Paycheck died in Nashville yesterday after a long battle with
emphysema; he was sixty-four.

Paycheck never achieved the mythical notoriety of Johnny Cash
and Waylon Jennings, two fellow out-of-control country music peers
from the Seventies. He lacked their cool: Cash’s was otherworldly
and Jennings’ seasoned. Those icons acted out their rebellious
streaks, but it was a calculated rebellion of sorts, for both
remained professionals dedicated to craft in spite of any chemical
haze. Johnny Paycheck’s fire teetered on the brink of control,
sometimes it would land safely, other times he would lose his grip,
as he did in 1985 when he shot a man outside a bar in Ohio, putting
an exclamation point on a barroom brawl. The incident sent Paycheck
to prison in 1989, where he stayed for two years.
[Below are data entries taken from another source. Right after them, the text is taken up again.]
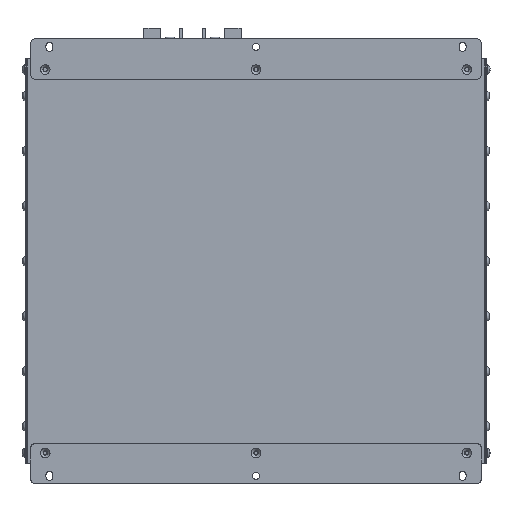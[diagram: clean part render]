
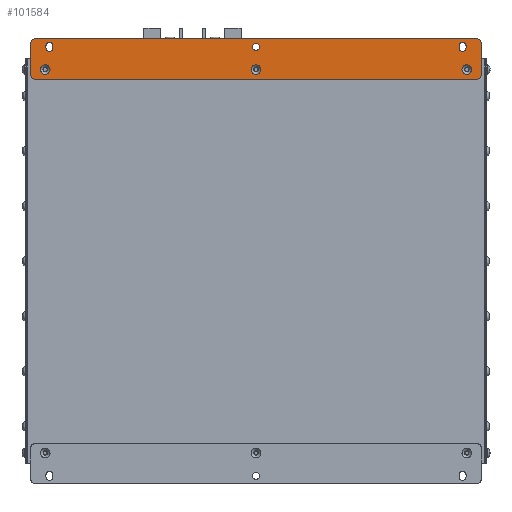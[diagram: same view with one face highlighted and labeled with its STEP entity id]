
A CAD part, front view. The second image highlights one B-rep face of the part: STEP entity #101584.
In plain terms, the highlighted planar face has unit normal (0, -1, 0).
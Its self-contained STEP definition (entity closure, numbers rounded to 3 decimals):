
#11501=FACE_BOUND('',#20413,.T.);
#11502=FACE_BOUND('',#20414,.T.);
#11503=FACE_BOUND('',#20415,.T.);
#11504=FACE_BOUND('',#20416,.T.);
#11505=FACE_BOUND('',#20417,.T.);
#11506=FACE_BOUND('',#20418,.T.);
#12175=PLANE('',#107404);
#14892=FACE_OUTER_BOUND('',#20412,.T.);
#20412=EDGE_LOOP('',(#71453,#71454,#71455,#71456,#71457,#71458,#71459,#71460));
#20413=EDGE_LOOP('',(#71461));
#20414=EDGE_LOOP('',(#71462,#71463,#71464,#71465));
#20415=EDGE_LOOP('',(#71466,#71467,#71468,#71469));
#20416=EDGE_LOOP('',(#71470));
#20417=EDGE_LOOP('',(#71471));
#20418=EDGE_LOOP('',(#71472));
#26606=LINE('',#137667,#35117);
#26607=LINE('',#137671,#35118);
#26608=LINE('',#137675,#35119);
#26609=LINE('',#137678,#35120);
#26610=LINE('',#137685,#35121);
#26611=LINE('',#137688,#35122);
#26612=LINE('',#137693,#35123);
#26613=LINE('',#137696,#35124);
#35117=VECTOR('',#114662,10.);
#35118=VECTOR('',#114665,10.);
#35119=VECTOR('',#114668,10.);
#35120=VECTOR('',#114671,10.);
#35121=VECTOR('',#114676,10.);
#35122=VECTOR('',#114679,10.);
#35123=VECTOR('',#114682,10.);
#35124=VECTOR('',#114685,10.);
#43627=CIRCLE('',#107402,4.55);
#43629=CIRCLE('',#107405,4.);
#43630=CIRCLE('',#107406,4.);
#43631=CIRCLE('',#107407,4.);
#43632=CIRCLE('',#107408,4.);
#43633=CIRCLE('',#107409,4.55);
#43634=CIRCLE('',#107410,3.3);
#43635=CIRCLE('',#107411,3.3);
#43636=CIRCLE('',#107412,3.3);
#43637=CIRCLE('',#107413,3.3);
#43638=CIRCLE('',#107414,3.3);
#43639=CIRCLE('',#107415,4.55);
#46452=VERTEX_POINT('',#137657);
#46454=VERTEX_POINT('',#137663);
#46455=VERTEX_POINT('',#137664);
#46456=VERTEX_POINT('',#137666);
#46457=VERTEX_POINT('',#137668);
#46458=VERTEX_POINT('',#137670);
#46459=VERTEX_POINT('',#137672);
#46460=VERTEX_POINT('',#137674);
#46461=VERTEX_POINT('',#137676);
#46462=VERTEX_POINT('',#137679);
#46463=VERTEX_POINT('',#137681);
#46464=VERTEX_POINT('',#137682);
#46465=VERTEX_POINT('',#137684);
#46466=VERTEX_POINT('',#137686);
#46467=VERTEX_POINT('',#137689);
#46468=VERTEX_POINT('',#137690);
#46469=VERTEX_POINT('',#137692);
#46470=VERTEX_POINT('',#137694);
#46471=VERTEX_POINT('',#137697);
#46472=VERTEX_POINT('',#137699);
#56397=EDGE_CURVE('',#46452,#46452,#43627,.T.);
#56400=EDGE_CURVE('',#46454,#46455,#43629,.T.);
#56401=EDGE_CURVE('',#46456,#46454,#26606,.T.);
#56402=EDGE_CURVE('',#46457,#46456,#43630,.T.);
#56403=EDGE_CURVE('',#46458,#46457,#26607,.T.);
#56404=EDGE_CURVE('',#46459,#46458,#43631,.T.);
#56405=EDGE_CURVE('',#46460,#46459,#26608,.T.);
#56406=EDGE_CURVE('',#46461,#46460,#43632,.T.);
#56407=EDGE_CURVE('',#46455,#46461,#26609,.T.);
#56408=EDGE_CURVE('',#46462,#46462,#43633,.T.);
#56409=EDGE_CURVE('',#46463,#46464,#43634,.T.);
#56410=EDGE_CURVE('',#46464,#46465,#26610,.T.);
#56411=EDGE_CURVE('',#46465,#46466,#43635,.T.);
#56412=EDGE_CURVE('',#46466,#46463,#26611,.T.);
#56413=EDGE_CURVE('',#46467,#46468,#43636,.T.);
#56414=EDGE_CURVE('',#46468,#46469,#26612,.T.);
#56415=EDGE_CURVE('',#46469,#46470,#43637,.T.);
#56416=EDGE_CURVE('',#46470,#46467,#26613,.T.);
#56417=EDGE_CURVE('',#46471,#46471,#43638,.T.);
#56418=EDGE_CURVE('',#46472,#46472,#43639,.T.);
#71453=ORIENTED_EDGE('',*,*,#56400,.F.);
#71454=ORIENTED_EDGE('',*,*,#56401,.F.);
#71455=ORIENTED_EDGE('',*,*,#56402,.F.);
#71456=ORIENTED_EDGE('',*,*,#56403,.F.);
#71457=ORIENTED_EDGE('',*,*,#56404,.F.);
#71458=ORIENTED_EDGE('',*,*,#56405,.F.);
#71459=ORIENTED_EDGE('',*,*,#56406,.F.);
#71460=ORIENTED_EDGE('',*,*,#56407,.F.);
#71461=ORIENTED_EDGE('',*,*,#56408,.F.);
#71462=ORIENTED_EDGE('',*,*,#56409,.T.);
#71463=ORIENTED_EDGE('',*,*,#56410,.T.);
#71464=ORIENTED_EDGE('',*,*,#56411,.T.);
#71465=ORIENTED_EDGE('',*,*,#56412,.T.);
#71466=ORIENTED_EDGE('',*,*,#56413,.T.);
#71467=ORIENTED_EDGE('',*,*,#56414,.T.);
#71468=ORIENTED_EDGE('',*,*,#56415,.T.);
#71469=ORIENTED_EDGE('',*,*,#56416,.T.);
#71470=ORIENTED_EDGE('',*,*,#56417,.T.);
#71471=ORIENTED_EDGE('',*,*,#56418,.F.);
#71472=ORIENTED_EDGE('',*,*,#56397,.F.);
#101584=ADVANCED_FACE('',(#14892,#11501,#11502,#11503,#11504,#11505,#11506),
#12175,.F.);
#107402=AXIS2_PLACEMENT_3D('',#137658,#114653,#114654);
#107404=AXIS2_PLACEMENT_3D('',#137662,#114658,#114659);
#107405=AXIS2_PLACEMENT_3D('',#137665,#114660,#114661);
#107406=AXIS2_PLACEMENT_3D('',#137669,#114663,#114664);
#107407=AXIS2_PLACEMENT_3D('',#137673,#114666,#114667);
#107408=AXIS2_PLACEMENT_3D('',#137677,#114669,#114670);
#107409=AXIS2_PLACEMENT_3D('',#137680,#114672,#114673);
#107410=AXIS2_PLACEMENT_3D('',#137683,#114674,#114675);
#107411=AXIS2_PLACEMENT_3D('',#137687,#114677,#114678);
#107412=AXIS2_PLACEMENT_3D('',#137691,#114680,#114681);
#107413=AXIS2_PLACEMENT_3D('',#137695,#114683,#114684);
#107414=AXIS2_PLACEMENT_3D('',#137698,#114686,#114687);
#107415=AXIS2_PLACEMENT_3D('',#137700,#114688,#114689);
#114653=DIRECTION('center_axis',(0.,-1.,0.));
#114654=DIRECTION('ref_axis',(1.,0.,0.));
#114658=DIRECTION('center_axis',(0.,1.,0.));
#114659=DIRECTION('ref_axis',(0.,0.,1.));
#114660=DIRECTION('center_axis',(0.,1.,0.));
#114661=DIRECTION('ref_axis',(-1.,0.,0.));
#114662=DIRECTION('',(0.,0.,1.));
#114663=DIRECTION('center_axis',(0.,1.,0.));
#114664=DIRECTION('ref_axis',(0.,0.,-1.));
#114665=DIRECTION('',(-1.,0.,0.));
#114666=DIRECTION('center_axis',(0.,1.,0.));
#114667=DIRECTION('ref_axis',(1.,0.,0.));
#114668=DIRECTION('',(0.,0.,-1.));
#114669=DIRECTION('center_axis',(0.,1.,0.));
#114670=DIRECTION('ref_axis',(0.,0.,1.));
#114671=DIRECTION('',(1.,0.,0.));
#114672=DIRECTION('center_axis',(0.,-1.,0.));
#114673=DIRECTION('ref_axis',(1.,0.,0.));
#114674=DIRECTION('center_axis',(0.,1.,0.));
#114675=DIRECTION('ref_axis',(0.,0.,-1.));
#114676=DIRECTION('',(-1.,0.,0.));
#114677=DIRECTION('center_axis',(0.,1.,0.));
#114678=DIRECTION('ref_axis',(0.,0.,1.));
#114679=DIRECTION('',(1.,0.,0.));
#114680=DIRECTION('center_axis',(0.,1.,0.));
#114681=DIRECTION('ref_axis',(0.,0.,-1.));
#114682=DIRECTION('',(-1.,0.,0.));
#114683=DIRECTION('center_axis',(0.,1.,0.));
#114684=DIRECTION('ref_axis',(0.,0.,1.));
#114685=DIRECTION('',(1.,0.,0.));
#114686=DIRECTION('center_axis',(0.,1.,0.));
#114687=DIRECTION('ref_axis',(1.,0.,0.));
#114688=DIRECTION('center_axis',(0.,-1.,0.));
#114689=DIRECTION('ref_axis',(1.,0.,0.));
#137657=CARTESIAN_POINT('',(-81.299,0.,-232.619));
#137658=CARTESIAN_POINT('Origin',(-76.749,0.,-232.619));
#137662=CARTESIAN_POINT('Origin',(-86.749,0.,-232.619));
#137663=CARTESIAN_POINT('',(-105.749,0.,-24.119));
#137664=CARTESIAN_POINT('',(-101.749,0.,-20.119));
#137665=CARTESIAN_POINT('Origin',(-101.749,0.,-24.119));
#137666=CARTESIAN_POINT('',(-105.749,0.,-441.119));
#137667=CARTESIAN_POINT('',(-105.749,0.,-441.119));
#137668=CARTESIAN_POINT('',(-101.749,0.,-445.119));
#137669=CARTESIAN_POINT('Origin',(-101.749,0.,-441.119));
#137670=CARTESIAN_POINT('',(-71.749,0.,-445.119));
#137671=CARTESIAN_POINT('',(-71.749,0.,-445.119));
#137672=CARTESIAN_POINT('',(-67.749,0.,-441.119));
#137673=CARTESIAN_POINT('Origin',(-71.749,0.,-441.119));
#137674=CARTESIAN_POINT('',(-67.749,0.,-24.119));
#137675=CARTESIAN_POINT('',(-67.749,0.,-24.119));
#137676=CARTESIAN_POINT('',(-71.749,0.,-20.119));
#137677=CARTESIAN_POINT('Origin',(-71.749,0.,-24.119));
#137678=CARTESIAN_POINT('',(-101.749,0.,-20.119));
#137679=CARTESIAN_POINT('',(-81.299,0.,-33.619));
#137680=CARTESIAN_POINT('Origin',(-76.749,0.,-33.619));
#137681=CARTESIAN_POINT('',(-97.249,0.,-34.319));
#137682=CARTESIAN_POINT('',(-97.249,0.,-40.919));
#137683=CARTESIAN_POINT('Origin',(-97.249,0.,-37.619));
#137684=CARTESIAN_POINT('',(-99.249,0.,-40.919));
#137685=CARTESIAN_POINT('',(-91.999,0.,-40.919));
#137686=CARTESIAN_POINT('',(-99.249,0.,-34.319));
#137687=CARTESIAN_POINT('Origin',(-99.249,0.,-37.619));
#137688=CARTESIAN_POINT('',(-92.999,0.,-34.319));
#137689=CARTESIAN_POINT('',(-97.249,0.,-424.319));
#137690=CARTESIAN_POINT('',(-97.249,0.,-430.919));
#137691=CARTESIAN_POINT('Origin',(-97.249,0.,-427.619));
#137692=CARTESIAN_POINT('',(-99.249,0.,-430.919));
#137693=CARTESIAN_POINT('',(-91.999,0.,-430.919));
#137694=CARTESIAN_POINT('',(-99.249,0.,-424.319));
#137695=CARTESIAN_POINT('Origin',(-99.249,0.,-427.619));
#137696=CARTESIAN_POINT('',(-92.999,0.,-424.319));
#137697=CARTESIAN_POINT('',(-101.549,0.,-232.619));
#137698=CARTESIAN_POINT('Origin',(-98.249,0.,-232.619));
#137699=CARTESIAN_POINT('',(-81.299,0.,-431.619));
#137700=CARTESIAN_POINT('Origin',(-76.749,0.,-431.619));

Early Sixties photographs of Paycheck show a clean-shaven,
ducktailed young man with a devil’s eyes, a randy smirk and a
boxer’s chin. He was, in those days, Donny Young (an alteration of
his birthname, Donald Eugene Lytle) and even as a twenty-year-old,
he carried a past that hinted at his future. Born on May 31, 1938,
Lytle was a teenage runaway, who opted to sing in honky-tonks,
rather than stick around his hometown of Greenfield, Ohio. He made
a mistake by joining the Navy, and a stint on an aircraft carrier
ended in the brig after he was court martialed in 1956 for
assaulting a superior officer. He drew an eighteen-year sentence,
and escaped twice during his captivity, but inexplicably scored a
reduced sentence that resulted in his release in 1958.

With a relatively clean slate, he became Donny Young and tried
recording some rockabilly and country sides, with no success.
Determined to succeed as a musician, Young took work as a sideman
for a who’s who of country stars, playing bass and guitar for Faron
Young, Porter Wagoner, Ray Price and, in 1962, George Jones. Jones
and Young were a perfect music match, as the Possum provided a
personality every bit as pugnacious as his bassist. The job lasted
four years, with Young singing backup on some of Jones’ early hits,
including “The Race Is On.”

It was near the end of this run that Donny Young switched his
handle to Johnny Paycheck, pinching the moniker, appropriately
enough, from a boxer. The move from sideman to frontman was pushed
along with a dash of serendipity. In late-1962, Aubrey Mayhew, a
well regarded executive at Pickwick Records, was offered a demo
tape of songs for $200 by another industry player hoping to drum up
interest in the songs themselves. Mayhew took up the offer, but he
was less interested in the songs than the singer, the fairly
anonymous Paycheck. Mayhew promptly dragged Paycheck into the
studio to record some sides for Little Darlin’, an independent
label that the two men started together.

Drawing on honky-tonk tradition that included elements of Buck
Owens’ Bakersfield sound, the 5-4 Ray Price beat and his own
piercing clean vocal/rhythm-heavy sound, Paycheck tore into songs
like Hank Cochran’s classic “A-11” like a wolf. The song only
climbed as high as Number Twenty-six on the country charts, but
earned Paycheck a Grammy nomination and helped set his career apart
from that of his former boss. He broke into the Top Ten with a
cover of Larry Kingston’s “The Lovin’ Machine” in 1966, the same
year he penned “Apartment #9,” a hit for Tammy Wynette and “Touch
My Heart,” one for Price.

But more striking than the more popular songs were some of the
compositions Paycheck co-wrote with Mayhew, which sounded unlike
anything else in country music. Paycheck penned some of the most
unsettling songs in country music, the quartet of
parentheses-filled classics: “(Pardon Me) I’ve Got Someone to
Kill,” “(It’s a Mighty Thin Line) Between Love and Hate,” “It Won’t
Be Long (And I’ll Be Hating You)” and “If I’m Gonna Sink (I Might
As Well Go to the Bottom).”

The songs were striking for their matter-of-factness, and unlike
some of Cash’s best work — which put some space between the man
and his fictional characters — they weren’t necessarily
third-person tales, though Paycheck insisted they were. “When I
wrote a song, I’m not thinking about myself,” he had said. “I’m
thinking of this crazy guy that maybe I read in the paper, where a
guy walked in and shot.” Perhaps most disturbing about Paycheck’s
output during this time is just how engaging the actual music was,
a rich mix of pop melody and country tradition.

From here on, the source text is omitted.